During the upstream trip, the boat's speed is decreased by the speed of the river current, so the effective speed is (x - 4) km/h.

The time taken for the upstream trip can be calculated using the same formula: Time = Distance / Speed

The distance traveled during the upstream trip is also 180 km, and the speed is (x - 4) km/h. Therefore, the time taken for the upstream trip is: Time_upstream = 180 / (x - 4)

Relationship between Time Downstream and Time Upstream

We are given that the time taken for the return trip (upstream) is 8 hours longer than the downstream trip. Mathematically, we can express this as: Time_upstream = Time_downstream + 8

Substituting the expressions for Time_upstream and Time_downstream, we get: 180 / (x - 4) = 180 / (x + 4) + 8

Solving the Equation

To solve the equation, we can start by multiplying both sides by (x - 4)(x + 4) to eliminate the denominators: 180(x - 4) = 180(x + 4) + 8(x - 4)(x + 4)
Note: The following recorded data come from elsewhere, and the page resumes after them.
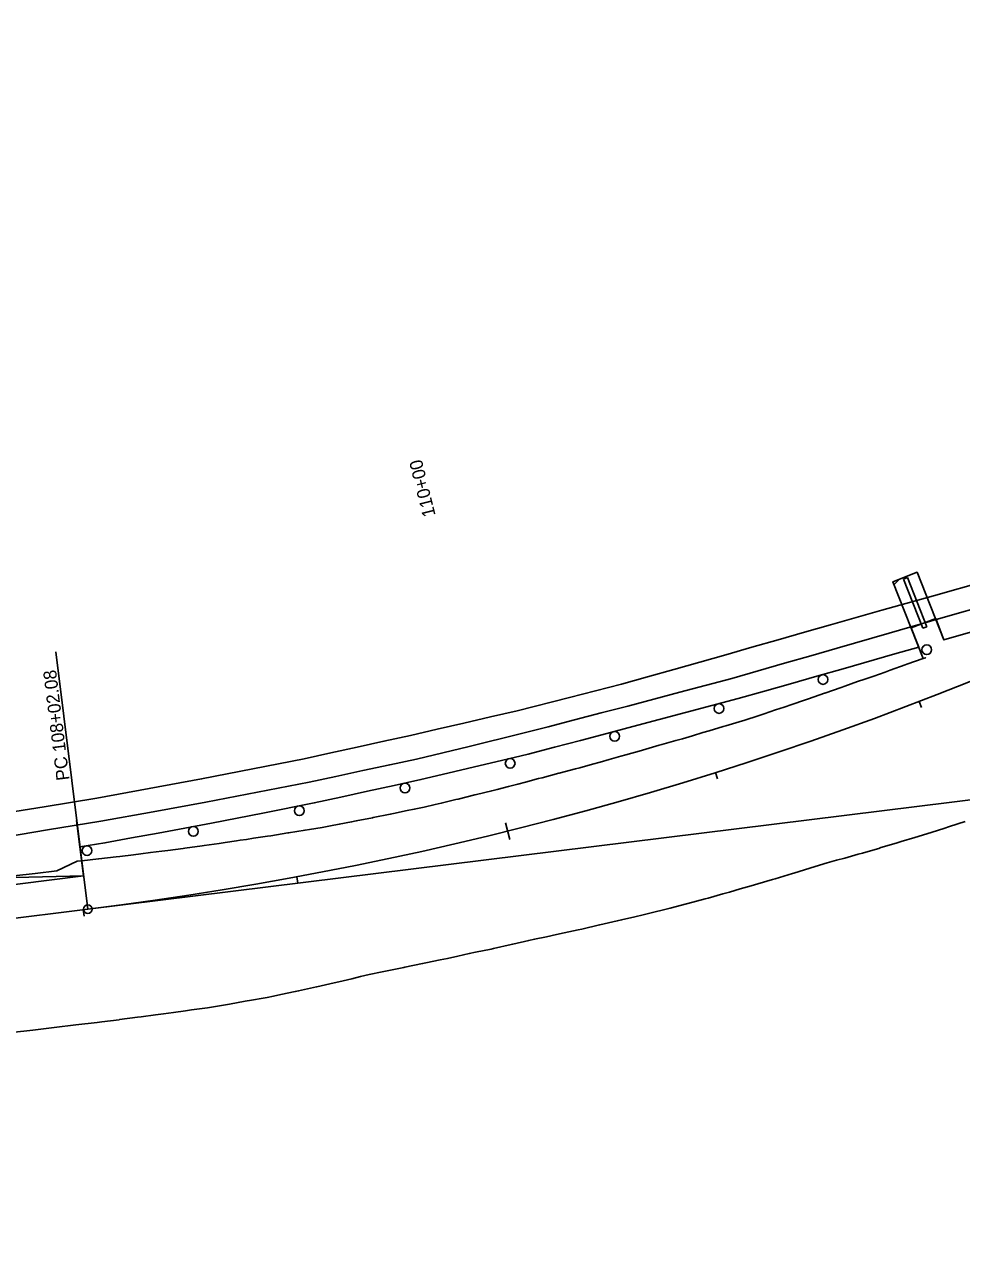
# Model space of a CAD drawing. Extents: x 1568809 to 1572786, y 728326 to 734907.
# Drawn here: x 1571053 to 1571487, y 732119 to 732690 of the extents above; entities that cross this region are included whole.
import ezdxf

# ---------------------------------------------------------------- set-up
doc = ezdxf.new("R2010")
doc.units = 0
for name, color, linetype in [('R_Horz Alg', 7, 'Continuous'), ('R_Horz Alg Annot', 7, 'Continuous'), ('R_MOT', 7, 'Continuous'), ('R_No Plot', 7, 'Continuous'), ('R_Proposed Const Limits_Fill', 7, 'Continuous'), ('R_Striping', 7, 'Continuous'), ('R_Water', 7, 'Continuous')]:
    doc.layers.add(name, color=color, linetype=linetype)

msp = doc.modelspace()

# ---------------------------------------------------------------- linework, layer by layer
at = {"layer": 'R_Horz Alg'}
msp.add_line((1569774.69, 732119.01), (1571082.41, 732280.73), dxfattribs=at)
msp.add_arc((1570881.49, 733905.38), 1637.02, 277.05, 312.07494, dxfattribs=at)
at = {"layer": 'R_Horz Alg Annot'}
msp.add_line((1571082.41, 732280.73), (1571595.05, 732344.13), dxfattribs=at)
for points in [[(1571082.41, 732280.73), (1571067.68, 732399.83)], [(1571468.61, 732374.05), (1571467.54, 732376.85)], [(1571374.03, 732341.07), (1571373.13, 732343.93)], [(1571275.93, 732320.71), (1571277.86, 732312.94)], [(1571179.72, 732292.7), (1571179.18, 732295.65)], [(1571080.72, 732277.5), (1571080.35, 732280.48)]]:
    msp.add_lwpolyline(points, dxfattribs=at)
msp.add_circle((1571082.41, 732280.73), 2, dxfattribs=at)
at = {"layer": 'R_MOT'}
msp.add_line((1571455.92, 732431.04), (1571458.35, 732433.48), dxfattribs=at)
for centre in [(1571471.02, 732400.82), (1571422.96, 732387.04), (1571374.82, 732373.62), (1571326.5, 732360.74), (1571278.06, 732348.21), (1571229.34, 732336.81), (1571180.43, 732326.27), (1571131.34, 732316.69), (1571082.09, 732307.83)]:
    msp.add_circle(centre, 2.25, dxfattribs=at)
at = {"layer": 'R_No Plot'}
for p in [(1571077.28, 732321.75), (1571078.82, 732309.53)]:
    msp.add_line(p, (1571080.52, 732296.05), dxfattribs=at)
for points in [[(1571469.37, 732396.77), (1571455.37, 732432.3), (1571466.53, 732436.7), (1571478.88, 732405.37), (1571492.28, 732409.3), (1571504.36, 732412.85), (1571516.43, 732416.4), (1571528.51, 732419.94), (1571540.52, 732423.79), (1571576.03, 732435.15)], [(1571576.03, 732435.15), (1571540.52, 732423.79), (1571528.51, 732419.94), (1571516.43, 732416.4), (1571504.36, 732412.85), (1571492.28, 732409.3), (1571478.88, 732405.37), (1571466.53, 732436.7), (1571455.37, 732432.3), (1571469.37, 732396.77)], [(1571492.28, 732409.3), (1571478.88, 732405.37), (1571475.14, 732415.24), (1571463.75, 732411.02), (1571467.29, 732402.04), (1571456.21, 732398.85), (1571432.22, 732391.94), (1571420.08, 732388.52), (1571407.95, 732385.1), (1571395.82, 732381.68), (1571383.68, 732378.26), (1571371.49, 732375.01), (1571359.3, 732371.75), (1571347.11, 732368.49), (1571334.93, 732365.24), (1571322.8, 732362.04), (1571310.67, 732358.84), (1571298.54, 732355.64), (1571286.41, 732352.44), (1571273.98, 732349.5), (1571261.55, 732346.56), (1571249.12, 732343.61), (1571236.69, 732340.67), (1571224.35, 732337.97), (1571212.01, 732335.27), (1571199.67, 732332.57), (1571187.33, 732329.87), (1571163.51, 732325.17), (1571139.68, 732320.46), (1571127.35, 732318.19), (1571115.01, 732315.92), (1571102.68, 732313.66), (1571090.34, 732311.39), (1571078.82, 732309.53)], [(1571048.18, 732296.13), (1571058.12, 732297.26), (1571068.06, 732298.4), (1571077.58, 732302.86), (1571079.65, 732303.08), (1571087.41, 732303.96), (1571087.62, 732303.98), (1571095.59, 732304.92), (1571097.21, 732305.11), (1571103.56, 732305.88), (1571107, 732306.31), (1571111.53, 732306.88), (1571116.79, 732307.54), (1571119.49, 732307.89), (1571126.57, 732308.84), (1571127.45, 732308.96), (1571135.4, 732310.05), (1571136.35, 732310.18), (1571143.35, 732311.17), (1571146.12, 732311.56), (1571151.3, 732312.32), (1571153.04, 732312.58), (1571155.89, 732313.01), (1571159.24, 732313.52), (1571165.66, 732314.44), (1571167.2, 732314.68), (1571175.13, 732315.97), (1571175.41, 732316.01), (1571183.05, 732317.29), (1571185.15, 732317.62), (1571190.99, 732318.57), (1571194.89, 732319.31), (1571198.89, 732320.04), (1571204.6, 732321.11), (1571206.78, 732321.53), (1571214.29, 732323.02), (1571214.67, 732323.09), (1571222.55, 732324.66), (1571223.98, 732324.96), (1571230.41, 732326.31), (1571233.65, 732326.99), (1571238.27, 732327.99), (1571243.29, 732329.13), (1571246.11, 732329.77), (1571252.9, 732331.44), (1571253.92, 732331.68), (1571261.74, 732333.56), (1571262.5, 732333.76), (1571269.53, 732335.51), (1571272.08, 732336.14), (1571277.32, 732337.52), (1571281.65, 732338.61), (1571285.11, 732339.49), (1571291.2, 732341.13), (1571292.87, 732341.57), (1571300.64, 732343.62), (1571300.75, 732343.65), (1571308.4, 732345.7), (1571310.29, 732346.21), (1571316.15, 732347.82), (1571319.82, 732348.83), (1571323.9, 732349.96), (1571329.33, 732351.48), (1571331.64, 732352.13), (1571338.83, 732354.19), (1571339.37, 732354.34), (1571347.09, 732356.57), (1571348.33, 732356.92), (1571354.83, 732358.75), (1571357.84, 732359.61), (1571362.55, 732360.99), (1571367.31, 732362.43), (1571370.25, 732363.31), (1571376.79, 732365.23), (1571377.96, 732365.58), (1571385.67, 732367.89), (1571386.25, 732368.08), (1571393.33, 732370.34), (1571395.65, 732371.16), (1571400.93, 732372.97), (1571405.02, 732374.3), (1571408.57, 732375.48), (1571414.36, 732377.52), (1571416.17, 732378.11), (1571423.7, 732380.76), (1571423.75, 732380.78), (1571431.38, 732383.34), (1571433.08, 732383.88), (1571438.95, 732386.05), (1571442.39, 732387.22), (1571446.57, 732388.65), (1571451.74, 732390.45), (1571454.13, 732391.4), (1571461.02, 732393.85), (1571461.71, 732394.09), (1571469.37, 732396.77)], [(1571469.37, 732396.77), (1571461.71, 732394.09), (1571461.02, 732393.85), (1571454.13, 732391.4), (1571451.74, 732390.45), (1571446.57, 732388.65), (1571442.39, 732387.22), (1571438.95, 732386.05), (1571433.08, 732383.88), (1571431.38, 732383.34), (1571423.75, 732380.78), (1571423.7, 732380.76), (1571416.17, 732378.11), (1571414.36, 732377.52), (1571408.57, 732375.48), (1571405.02, 732374.3), (1571400.93, 732372.97), (1571395.65, 732371.16), (1571393.33, 732370.34), (1571386.25, 732368.08), (1571385.67, 732367.89), (1571377.96, 732365.58), (1571376.79, 732365.23), (1571370.25, 732363.31), (1571367.31, 732362.43), (1571362.55, 732360.99), (1571357.84, 732359.61), (1571354.83, 732358.75), (1571348.33, 732356.92), (1571347.09, 732356.57), (1571339.37, 732354.34), (1571338.83, 732354.19), (1571331.64, 732352.13), (1571329.33, 732351.48), (1571323.9, 732349.96), (1571319.82, 732348.83), (1571316.15, 732347.82), (1571310.29, 732346.21), (1571308.4, 732345.7), (1571300.75, 732343.65), (1571300.64, 732343.62), (1571292.87, 732341.57), (1571291.2, 732341.13), (1571285.11, 732339.49), (1571281.65, 732338.61), (1571277.32, 732337.52), (1571272.08, 732336.14), (1571269.53, 732335.51), (1571262.5, 732333.76), (1571261.74, 732333.56), (1571253.92, 732331.68), (1571252.9, 732331.44), (1571246.11, 732329.77), (1571243.29, 732329.13), (1571238.27, 732327.99), (1571233.65, 732326.99), (1571230.41, 732326.31), (1571223.98, 732324.96), (1571222.55, 732324.66), (1571214.67, 732323.09), (1571214.29, 732323.02), (1571206.78, 732321.53), (1571204.6, 732321.11), (1571198.89, 732320.04), (1571194.89, 732319.31), (1571190.99, 732318.57), (1571185.15, 732317.62), (1571183.05, 732317.29), (1571175.41, 732316.01), (1571175.13, 732315.97), (1571167.2, 732314.68), (1571165.66, 732314.44), (1571159.24, 732313.52), (1571155.89, 732313.01), (1571153.04, 732312.58), (1571151.3, 732312.32), (1571146.12, 732311.56), (1571143.35, 732311.17), (1571136.35, 732310.18), (1571135.4, 732310.05), (1571127.45, 732308.96), (1571126.57, 732308.84), (1571119.49, 732307.89), (1571116.79, 732307.54), (1571111.53, 732306.88), (1571107, 732306.31), (1571103.56, 732305.88), (1571097.21, 732305.11), (1571095.59, 732304.92), (1571087.62, 732303.98), (1571087.41, 732303.96), (1571079.65, 732303.08), (1571077.58, 732302.86), (1571068.06, 732298.4), (1571058.12, 732297.26), (1571048.18, 732296.13)], [(1571488.83, 732321.34), (1571481.52, 732318.96), (1571478.96, 732318.12), (1571473.49, 732316.39), (1571469.07, 732315.01), (1571465.43, 732313.88), (1571459.15, 732311.97), (1571457.36, 732311.43), (1571449.27, 732309.03), (1571449.22, 732309.01), (1571441.18, 732306.67), (1571439.26, 732306.13), (1571433.06, 732304.38), (1571429.28, 732303.33), (1571424.94, 732302.14), (1571419.32, 732300.5), (1571416.87, 732299.72), (1571409.46, 732297.39), (1571408.85, 732297.2), (1571400.8, 732294.77), (1571399.57, 732294.39), (1571392.74, 732292.36), (1571389.66, 732291.45), (1571384.65, 732290.05), (1571379.71, 732288.63), (1571376.56, 732287.74), (1571369.75, 732285.85), (1571368.44, 732285.55), (1571360.32, 732283.35), (1571359.76, 732283.2), (1571352.19, 732281.2), (1571349.77, 732280.57), (1571344.04, 732279.16), (1571339.73, 732278.11), (1571335.86, 732277.19), (1571329.68, 732275.7), (1571327.69, 732275.23), (1571319.61, 732273.39), (1571319.49, 732273.36), (1571311.3, 732271.5), (1571309.54, 732271.11), (1571303.09, 732269.71), (1571299.45, 732268.89), (1571294.89, 732267.91), (1571289.36, 732266.75), (1571286.67, 732266.19), (1571279.28, 732264.53), (1571278.48, 732264.34), (1571270.3, 732262.46), (1571269.23, 732262.21), (1571262.08, 732260.78), (1571259.13, 732260.11), (1571253.89, 732258.95), (1571249.06, 732257.89), (1571245.68, 732257.23), (1571238.97, 732255.78), (1571237.48, 732255.46), (1571229.26, 732253.79), (1571228.87, 732253.71), (1571221.05, 732252.08), (1571218.77, 732251.61), (1571212.83, 732250.4), (1571208.69, 732249.45), (1571204.66, 732248.47), (1571198.66, 732247.03), (1571196.49, 732246.51), (1571188.58, 732244.79), (1571188.29, 732244.72), (1571180.1, 732242.85), (1571178.51, 732242.49), (1571171.86, 732241.2), (1571168.39, 732240.44), (1571165.45, 732239.8), (1571163.64, 732239.46), (1571158.25, 732238.51), (1571155.36, 732238.08), (1571148.08, 732236.77), (1571147.09, 732236.59), (1571138.81, 732235.2), (1571137.9, 732235.07), (1571130.5, 732234.01), (1571127.68, 732233.58), (1571122.18, 732232.83), (1571117.45, 732232.2), (1571113.86, 732231.73), (1571107.22, 732230.86), (1571105.53, 732230.62), (1571097.2, 732229.55), (1571096.98, 732229.52), (1571088.87, 732228.49), (1571086.81, 732228.24), (1571076.87, 732227.1), (1571066.94, 732225.91), (1571057.02, 732224.69), (1571047.08, 732223.57)], [(1571047.08, 732223.57), (1571057.02, 732224.69), (1571066.94, 732225.91), (1571076.87, 732227.1), (1571086.81, 732228.24), (1571088.87, 732228.49), (1571096.98, 732229.52), (1571097.2, 732229.55), (1571105.53, 732230.62), (1571107.22, 732230.86), (1571113.86, 732231.73), (1571117.45, 732232.2), (1571122.18, 732232.83), (1571127.68, 732233.58), (1571130.5, 732234.01), (1571137.9, 732235.07), (1571138.81, 732235.2), (1571147.09, 732236.59), (1571148.08, 732236.77), (1571155.36, 732238.08), (1571158.25, 732238.51), (1571163.64, 732239.46), (1571165.45, 732239.8), (1571168.39, 732240.44), (1571171.86, 732241.2), (1571178.51, 732242.49), (1571180.1, 732242.85), (1571188.29, 732244.72), (1571188.58, 732244.79), (1571196.49, 732246.51), (1571198.66, 732247.03), (1571204.66, 732248.47), (1571208.69, 732249.45), (1571212.83, 732250.4), (1571218.77, 732251.61), (1571221.05, 732252.08), (1571228.87, 732253.71), (1571229.26, 732253.79), (1571237.48, 732255.46), (1571238.97, 732255.78), (1571245.68, 732257.23), (1571249.06, 732257.89), (1571253.89, 732258.95), (1571259.13, 732260.11), (1571262.08, 732260.78), (1571269.23, 732262.21), (1571270.3, 732262.46), (1571278.48, 732264.34), (1571279.28, 732264.53), (1571286.67, 732266.19), (1571289.36, 732266.75), (1571294.89, 732267.91), (1571299.45, 732268.89), (1571303.09, 732269.71), (1571309.54, 732271.11), (1571311.3, 732271.5), (1571319.49, 732273.36), (1571319.61, 732273.39), (1571327.69, 732275.23), (1571329.68, 732275.7), (1571335.86, 732277.19), (1571339.73, 732278.11), (1571344.04, 732279.16), (1571349.77, 732280.57), (1571352.19, 732281.2), (1571359.76, 732283.2), (1571360.32, 732283.35), (1571368.44, 732285.55), (1571369.75, 732285.85), (1571376.56, 732287.74), (1571379.71, 732288.63), (1571384.65, 732290.05), (1571389.66, 732291.45), (1571392.74, 732292.36), (1571399.57, 732294.39), (1571400.8, 732294.77), (1571408.85, 732297.2), (1571409.46, 732297.39), (1571416.87, 732299.72), (1571419.32, 732300.5), (1571424.94, 732302.14), (1571429.28, 732303.33), (1571433.06, 732304.38), (1571439.26, 732306.13), (1571441.18, 732306.67), (1571449.22, 732309.01), (1571449.27, 732309.03), (1571457.36, 732311.43), (1571459.15, 732311.97), (1571465.43, 732313.88), (1571469.07, 732315.01), (1571473.49, 732316.39), (1571478.96, 732318.12), (1571481.52, 732318.96), (1571488.83, 732321.34)], [(1571080.52, 732296.05), (1570444.72, 732215.92), (1570431.22, 732213.94), (1570302.77, 732199.43)], [(1571080.52, 732296.05), (1570973.02, 732293.44), (1570943.63, 732289.39), (1570933.75, 732279.73), (1570896.54, 732272.86), (1570444.72, 732215.92), (1570431.22, 732213.94), (1570302.77, 732199.43)]]:
    msp.add_lwpolyline(points, dxfattribs=at)
at = {"layer": 'R_Proposed Const Limits_Fill'}
msp.add_lwpolyline([(1571048.18, 732296.13), (1571058.12, 732297.26), (1571068.06, 732298.4), (1571077.58, 732302.86), (1571077.58, 732302.86), (1571079.65, 732303.08), (1571087.41, 732303.96), (1571087.62, 732303.98), (1571095.59, 732304.92), (1571097.21, 732305.11), (1571103.56, 732305.88), (1571107, 732306.31), (1571111.53, 732306.88), (1571116.79, 732307.54), (1571119.49, 732307.89), (1571126.57, 732308.84), (1571127.45, 732308.96), (1571135.4, 732310.05), (1571136.35, 732310.18), (1571143.35, 732311.17), (1571146.12, 732311.56), (1571151.3, 732312.32), (1571153.04, 732312.58), (1571155.89, 732313.01), (1571159.24, 732313.52), (1571165.66, 732314.44), (1571167.2, 732314.68), (1571175.13, 732315.97), (1571175.41, 732316.01), (1571183.05, 732317.29), (1571185.15, 732317.62), (1571190.99, 732318.57), (1571194.89, 732319.31), (1571198.89, 732320.04), (1571204.6, 732321.11), (1571206.78, 732321.53), (1571214.29, 732323.02), (1571214.67, 732323.09), (1571222.55, 732324.66), (1571223.98, 732324.96), (1571230.41, 732326.31), (1571233.65, 732326.99), (1571238.27, 732327.99), (1571243.29, 732329.13), (1571246.11, 732329.77), (1571252.9, 732331.44), (1571253.92, 732331.68), (1571261.74, 732333.56), (1571262.5, 732333.76), (1571269.53, 732335.51), (1571272.08, 732336.14), (1571277.32, 732337.52), (1571281.65, 732338.61), (1571285.11, 732339.49), (1571291.2, 732341.13), (1571292.87, 732341.57), (1571300.64, 732343.62), (1571300.75, 732343.65), (1571308.4, 732345.7), (1571310.29, 732346.21), (1571316.15, 732347.82), (1571319.82, 732348.83), (1571323.9, 732349.96), (1571329.33, 732351.48), (1571331.64, 732352.13), (1571338.83, 732354.19), (1571339.37, 732354.34), (1571347.09, 732356.57), (1571348.33, 732356.92), (1571354.83, 732358.75), (1571357.84, 732359.61), (1571362.55, 732360.99), (1571367.31, 732362.43), (1571370.25, 732363.31), (1571376.79, 732365.23), (1571377.96, 732365.58), (1571385.67, 732367.89), (1571386.25, 732368.08), (1571393.33, 732370.34), (1571395.65, 732371.16), (1571400.93, 732372.97), (1571405.02, 732374.3), (1571408.57, 732375.48), (1571414.36, 732377.52), (1571416.17, 732378.11), (1571423.7, 732380.76), (1571423.75, 732380.78), (1571431.38, 732383.34), (1571433.08, 732383.88), (1571438.95, 732386.05), (1571442.39, 732387.22), (1571446.57, 732388.65), (1571451.74, 732390.45), (1571454.13, 732391.4), (1571461.02, 732393.85), (1571461.71, 732394.09), (1571469.31, 732396.75), (1571470.38, 732397.08), (1571470.63, 732397.16)], dxfattribs=at)
at = {"layer": 'R_Striping'}
for points in [[(1571037.88, 732324.21), (1571062.21, 732328.15), (1571086.55, 732332.08), (1571110.84, 732336.56), (1571135.14, 732341.04), (1571158.87, 732345.69), (1571182.6, 732350.35), (1571194.93, 732353.04), (1571207.26, 732355.74), (1571219.6, 732358.44), (1571231.93, 732361.14), (1571244.27, 732363.99), (1571256.61, 732366.84), (1571268.95, 732369.68), (1571281.29, 732372.53), (1571305.48, 732378.73), (1571329.66, 732384.93), (1571341.72, 732388.33), (1571353.79, 732391.73), (1571365.85, 732395.13), (1571377.91, 732398.54), (1571390.05, 732402), (1571402.2, 732405.45), (1571414.34, 732408.91), (1571426.49, 732412.37), (1571450.27, 732419.1), (1571474.06, 732425.84), (1571498, 732432.64)], [(1571039.19, 732313.32), (1571063.81, 732317.37), (1571088.43, 732321.42), (1571112.74, 732325.82), (1571137.05, 732330.22), (1571160.97, 732334.85), (1571184.9, 732339.47), (1571197.35, 732342.15), (1571209.81, 732344.84), (1571222.27, 732347.53), (1571234.72, 732350.21), (1571259, 732356.09), (1571283.28, 732361.98), (1571295.61, 732365.17), (1571307.93, 732368.35), (1571320.25, 732371.54), (1571332.57, 732374.73), (1571356.61, 732381.15), (1571380.66, 732387.57), (1571392.88, 732391.05), (1571405.11, 732394.53), (1571417.33, 732398.01), (1571429.55, 732401.48), (1571453.54, 732408.44), (1571477.54, 732415.39), (1571501.52, 732422.28)]]:
    msp.add_lwpolyline(points, dxfattribs=at)
at = {"layer": 'R_Water'}
for p, q in [((1571460.28, 732433.49), (1571462.14, 732434.22)), ((1571460.28, 732433.49), (1571469.23, 732410.76)), ((1571462.14, 732434.22), (1571471.09, 732411.5)), ((1571469.23, 732410.76), (1571471.09, 732411.5))]:
    msp.add_line(p, q, dxfattribs=at)

# ---------------------------------------------------------------- texts
at = {"layer": 'R_Horz Alg Annot'}
for s, rotation, p in [('110+00', 103.9773, (1571243.57, 732463.11)), ('PC 108+02.08', 97.05, (1571074, 732340.63))]:
    msp.add_text(s, height=6, rotation=rotation, dxfattribs=at).set_placement(p)

doc.saveas('drawing.dxf')

Simplifying the equation gives: 180x - 720 = 180x + 720 + 8(x^2 - 16)

Simplifying further: 180x - 720 = 180x + 720 + 8x^2 - 128

Combining like terms: 0 = 8x^2 - 128

Dividing both sides by 8: x^2 - 16 = 0

Factoring the quadratic equation: (x - 4)(x + 4) = 0

Setting each factor equal to zero gives two possible solutions: x - 4 = 0 or x + 4 = 0

Solving for x gives: x = 4 or x = -4

Since the speed of the boat cannot be negative, we can conclude that the speed of the boat in still water is 4 km/h.